2.3 Machine Learning

In this work, three machine learning experiments were created on different sets of features: 1.) using only the types that are in the original Baker model (Types 2 and 7), 2.) using all motif repeat type counts (Types 1 through 24), and 3.) using only the features found to be important in the experiment with all motif repeat types (Types 3, 5, and 10). Note that the PfHRP2 column in Table 6 is treated as the dependent variable in which a “1” represents a positive RDT result for malaria and a “2” represents a negative RDT result. The motif repeat types are used as the independent variables and the PfHRP2 column is treated as the dependent variable.

We used the Microsoft Azure Machine Learning Service (14, 15) as the tracking platform for retaining model performance metrics as the various models were generated. For this use case, multiple machine learning models were trained using various scaling techniques and algorithms. Scaling and normalization methods are shown in Table 7. We then created two ensemble models of the individual models using stack ensemble and voting ensemble methods.

The Microsoft AutoML package (16) allows for the parallel creation and testing of various models, fitting based on a primary metric. For this use case, models were trained using Decision Tree, Elastic Net, Extreme Random Tree, Gradient Boosting, Lasso Lars, LightGBM, RandomForest, and Stochastic Gradient Decent algorithms along with various scaling methods from Maximum Absolute Scaler, Min/Max Scaler, Principal Component Analysis, Robust Scaler, Sparse Normalizer, Standard Scale Wrapper, Truncated Singular Value Decomposition Wrapper (as defined in Table 7). All of the machine learning algorithms are from the scikit-learn package (17) except for LightGBM, which is from the LightGBM package (18). The settings for the model sweep are defined in Table 8. The Monte Carlo cross validation by default takes 10% of the initial training data set as the validation set. The validation set is then used for metrics calculation.

TABLE 7

Table 7 Scaling function options in the machine learning model search Microsoft (2019b).

TABLE 8

Table 8 Parameter settings for the model searches.

For the experiment using only Types 2 and 7, 35 models were trained. For the experiment using Types 1 through 24, 35 models were trained. For the experiments using Types 3, 5, and 10, 31 models were trained. This variation in the number of models trained is a factor of the automated model and parameter selection process. When an assumed optimal model and parameter set is found, the algorithm stops training individual models and then performs ensembling of the various singular models that were trained.

Two ensemble models (voting ensemble and stack ensemble) were created and tested for each experiment. The voting ensemble method makes a prediction based on the weighted average of the previous models’ predicted classification outputs whereas the stacking ensemble method combines the previous models and trains a meta-model using the elastic net algorithm based on the output from the previous models. The model selection method used was the Caruana ensemble selection algorithm (19).
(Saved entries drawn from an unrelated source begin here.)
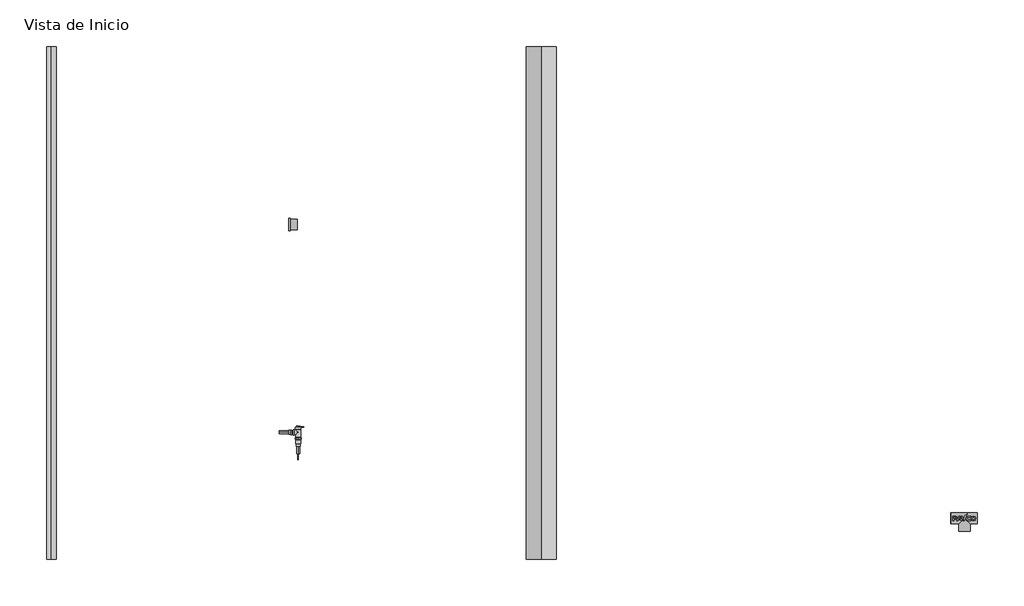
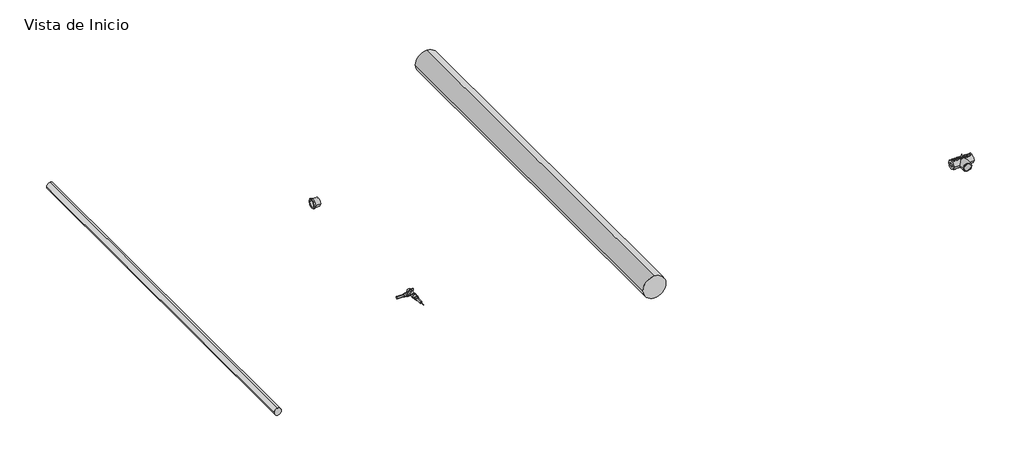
# One storey, incomplete: 6 pipe fittings, 4 pipe segments.
"""IFC4 building model written with IfcOpenShell, lengths in millimetres."""

from ifc_helpers import new_model, si_unit, point, frame, frame_2d, origin, place, context, project, spatial, circle_curve, trimmed, segment, composite_curve, outline, extrude, transform, mapped, element, save
from components import sch40_0889392d, sch40_e6cb78b8, sch40_d8840ade, sch40_3f122158, sch40_77e9e76e, var_9f159643

model = new_model("IFC4")

# Units and contexts
model_context = context("Model", 3, world=origin())
ifc_project = project(units=[si_unit("LENGTHUNIT", "METRE", prefix="MILLI")], contexts=[model_context])

# Site, building, storey
site = spatial("IfcSite", under=ifc_project)
building = spatial("IfcBuilding", under=site)
storey = spatial("IfcBuildingStorey", under=building, Name="Vista de Inicio", Elevation=0.0)

# Pipe fittings
placement = place(None, origin())
sch40_shape = sch40_0889392d(model_context)
element("IfcPipeFitting", 1, ObjectType="PavcoWavin_UnionesDeTuberia_CpvcZNoUsarBuje : SCH40", at=placement, inside=storey, context=model_context, shape_type="MappedRepresentation", body=[
    mapped(sch40_shape, transform((7010.438983, 525.4685847, 0.0), x_axis=(-1.0, 0.0, 0.0), y_axis=(0.0, 1.0, 0.0), z_axis=(0.0, 0.0, -1.0))),
])
sch40_2_shape = sch40_e6cb78b8(model_context)
element("IfcPipeFitting", 2, ObjectType="PavcoWavin_UnionesDeTuberia_CpvcTee : SCH40", at=placement, inside=storey, context=model_context, shape_type="MappedRepresentation", body=[
    mapped(sch40_2_shape, transform((7054.0627031, 525.4685847, 0.0), x_axis=(1.0, 0.0, 0.0), y_axis=(0.0, -1.0, 0.0), z_axis=(0.0, 0.0, -1.0))),
])
sch40_3_shape = sch40_d8840ade(model_context)
element("IfcPipeFitting", 3, ObjectType="PavcoWavin_UnionesDeTuberia_CpvcTransicionIPSxCTS2\" : SCH40", at=placement, inside=storey, context=model_context, shape_type="MappedRepresentation", body=[
    mapped(sch40_3_shape, transform((3302.758268, 2176.6622626, 0.0), x_axis=(1.0, 0.0, 0.0), y_axis=(0.0, 1.0, 0.0), z_axis=(0.0, 0.0, 1.0))),
])
sch40_4_shape = sch40_3f122158(model_context)
element("IfcPipeFitting", 4, ObjectType="PavcoWavin_UnionesDeTuberia_CpvcZNoUsarTransiciónMetal : SCH40", at=placement, inside=storey, context=model_context, shape_type="MappedRepresentation", body=[
    mapped(sch40_4_shape, transform((3310.1061879, 947.3322316, 0.0), x_axis=(0.0, 1.0, 0.0), y_axis=(-1.0, 0.0, 0.0), z_axis=(0.0, 0.0, 1.0))),
])
sch40_5_shape = sch40_77e9e76e(model_context)
element("IfcPipeFitting", 5, ObjectType="PavcoWavin_UnionesDeTuberia_CpvcZNoUsarAdaptadorMacho : SCH40", at=placement, inside=storey, context=model_context, shape_type="MappedRepresentation", body=[
    mapped(sch40_5_shape, transform((3281.9761879, 1007.9136432, 0.0), x_axis=(-1.0, 0.0, 0.0), y_axis=(0.0, -1.0, 0.0), z_axis=(0.0, 0.0, 1.0))),
])
var_shape = var_9f159643(model_context)
element("IfcPipeFitting", 6, ObjectType="PavcoWavin_UnionesDeTuberia_CpvcValvulaDeAlivio_de1/2\" : Var.", at=placement, inside=storey, context=model_context, shape_type="MappedRepresentation", body=[
    mapped(var_shape, transform((3310.1061879, 1007.9136432, 0.0), x_axis=(0.0, 1.0, 0.0), y_axis=(-1.0, 0.0, 0.0), z_axis=(0.0, 0.0, 1.0))),
])

# Pipe segments
element("IfcPipeSegment", 7, ObjectType="PavcoWavin_Tuberias_CpvcHOTPRO_de½\"a1\"(3m)yDe1¼\"a2\"(6m)", at=placement, inside=storey, context=model_context, shape_type="SweptSolid", body=[
    extrude(outline(composite_curve([segment(trimmed(circle_curve(frame_2d((0.0, 1923.1185626)), 26.9875), [point((0.0, 1950.1060626))], [point((26.9875, 1923.1185626))], False, "CARTESIAN"), True, "CONTINUOUS"), segment(trimmed(circle_curve(frame_2d((0.0, 1923.1185626)), 26.9875), [point((26.9875, 1923.1185626))], [point((0.0, 1896.1310626))], False, "CARTESIAN"), True, "CONTINUOUS"), segment(trimmed(circle_curve(frame_2d((0.0, 1923.1185626)), 26.9875), [point((0.0, 1896.1310626))], [point((-26.9875, 1923.1185626))], False, "CARTESIAN"), True, "CONTINUOUS"), segment(trimmed(circle_curve(frame_2d((0.0, 1923.1185626)), 26.9875), [point((-26.9875, 1923.1185626))], [point((0.0, 1950.1060626))], False, "CARTESIAN"), True, "CONTINUOUS")], self_intersect=False)), frame((0.0, 296.08733, 0.0), z_axis=(0.0, 1.0, 0.0), x_axis=(0.0, 0.0, 1.0)), (0.0, 0.0, 1.0), 2880.0),
])
element("IfcPipeSegment", 8, ObjectType="PavcoWavin_Tuberias_CpvcSCH80_de½\"a6\"(5.795m)", at=placement, inside=storey, context=model_context, shape_type="SweptSolid", body=[
    extrude(outline(composite_curve([segment(trimmed(circle_curve(frame_2d((0.0, 4675.9561767)), 84.1375), [point((0.0, 4591.8186767))], [point((-84.1375, 4675.9561767))], False, "CARTESIAN"), True, "CONTINUOUS"), segment(trimmed(circle_curve(frame_2d((0.0, 4675.9561767)), 84.1375), [point((-84.1375, 4675.9561767))], [point((0.0, 4760.0936767))], False, "CARTESIAN"), True, "CONTINUOUS"), segment(trimmed(circle_curve(frame_2d((0.0, 4675.9561767)), 84.1375), [point((0.0, 4760.0936767))], [point((84.1375, 4675.9561767))], False, "CARTESIAN"), True, "CONTINUOUS"), segment(trimmed(circle_curve(frame_2d((0.0, 4675.9561767)), 84.1375), [point((84.1375, 4675.9561767))], [point((0.0, 4591.8186767))], False, "CARTESIAN"), True, "CONTINUOUS")], self_intersect=False)), frame((0.0, 296.08733, 0.0), z_axis=(0.0, 1.0, 0.0), x_axis=(0.0, 0.0, 1.0)), (0.0, 0.0, 1.0), 2880.0),
])
element("IfcPipeSegment", 9, ObjectType="PavcoWavin_Tuberias_CpvcHOTPRO_de½\"a1\"(3m)yDe1¼\"a2\"(6m)", at=placement, inside=storey, context=model_context, shape_type="SweptSolid", body=[
    extrude(outline(composite_curve([segment(trimmed(circle_curve(frame_2d((1007.9136432, 0.0)), 7.9375), [point((1015.8511432, 0.0))], [point((1007.9136432, -7.9375))], False, "CARTESIAN"), True, "CONTINUOUS"), segment(trimmed(circle_curve(frame_2d((1007.9136432, 0.0)), 7.9375), [point((1007.9136432, -7.9375))], [point((999.9761432, 0.0))], False, "CARTESIAN"), True, "CONTINUOUS"), segment(trimmed(circle_curve(frame_2d((1007.9136432, 0.0)), 7.9375), [point((999.9761432, 0.0))], [point((1007.9136432, 7.9375))], False, "CARTESIAN"), True, "CONTINUOUS"), segment(trimmed(circle_curve(frame_2d((1007.9136432, 0.0)), 7.9375), [point((1007.9136432, 7.9375))], [point((1015.8511432, 0.0))], False, "CARTESIAN"), True, "CONTINUOUS")], self_intersect=False)), frame((3205.1061879, 0.0, 0.0), z_axis=(1.0, 0.0, 0.0), x_axis=(0.0, 1.0, 0.0)), (0.0, 0.0, 1.0), 63.74),
])
element("IfcPipeSegment", 10, ObjectType="PavcoWavin_Tuberias_CpvcHOTPRO_de½\"a1\"(3m)yDe1¼\"a2\"(6m)", at=placement, inside=storey, context=model_context, shape_type="SweptSolid", body=[
    extrude(outline(composite_curve([segment(trimmed(circle_curve(frame_2d((0.0, 3310.1061879)), 7.9375), [point((0.0, 3302.1686879))], [point((-7.9375, 3310.1061879))], False, "CARTESIAN"), True, "CONTINUOUS"), segment(trimmed(circle_curve(frame_2d((0.0, 3310.1061879)), 7.9375), [point((-7.9375, 3310.1061879))], [point((0.0, 3318.0436879))], False, "CARTESIAN"), True, "CONTINUOUS"), segment(trimmed(circle_curve(frame_2d((0.0, 3310.1061879)), 7.9375), [point((0.0, 3318.0436879))], [point((7.9375, 3310.1061879))], False, "CARTESIAN"), True, "CONTINUOUS"), segment(trimmed(circle_curve(frame_2d((0.0, 3310.1061879)), 7.9375), [point((7.9375, 3310.1061879))], [point((0.0, 3302.1686879))], False, "CARTESIAN"), True, "CONTINUOUS")], self_intersect=False)), frame((0.0, 887.9435742, 0.0), z_axis=(0.0, 1.0, 0.0), x_axis=(0.0, 0.0, 1.0)), (0.0, 0.0, 1.0), 54.820069),
])

save(model, "model.ifc")

For a visual representation of this analysis process, see Figure 4 below.

FIGURE 4

Figure 4 Analysis process flow.

3 Results

Metrics from the three experiments’ machine learning models (one each for the best ensemble model and a best singular model) are reported in Table 9. The precision-recall curves for these models are shown in Table 10 and the receiver operating characteristic (ROC) curves are shown in Table 11. The ideal scenario is shown as a dash-dot-dash (-.-) line. The best model overall is the Extreme Random Trees model using only Types 3, 5, and 10. This was determined by looking at the overall model metrics and the generated curves. Note that many models were generated for each experiment, some of which have equal overall performance. The best ensemble model and most simplistic singular model are shown here, but all model runs can be found in the Supplementary Data.

TABLE 9

Table 9 Model metrics for the best singular model and voting ensemble model for each experiment.

TABLE 10

Table 10 Precision-recall curves for the best singular model and voting ensemble model for each experiment.

TABLE 11

Table 11 ROC Curves for the best singular model and voting ensemble model for each experiment.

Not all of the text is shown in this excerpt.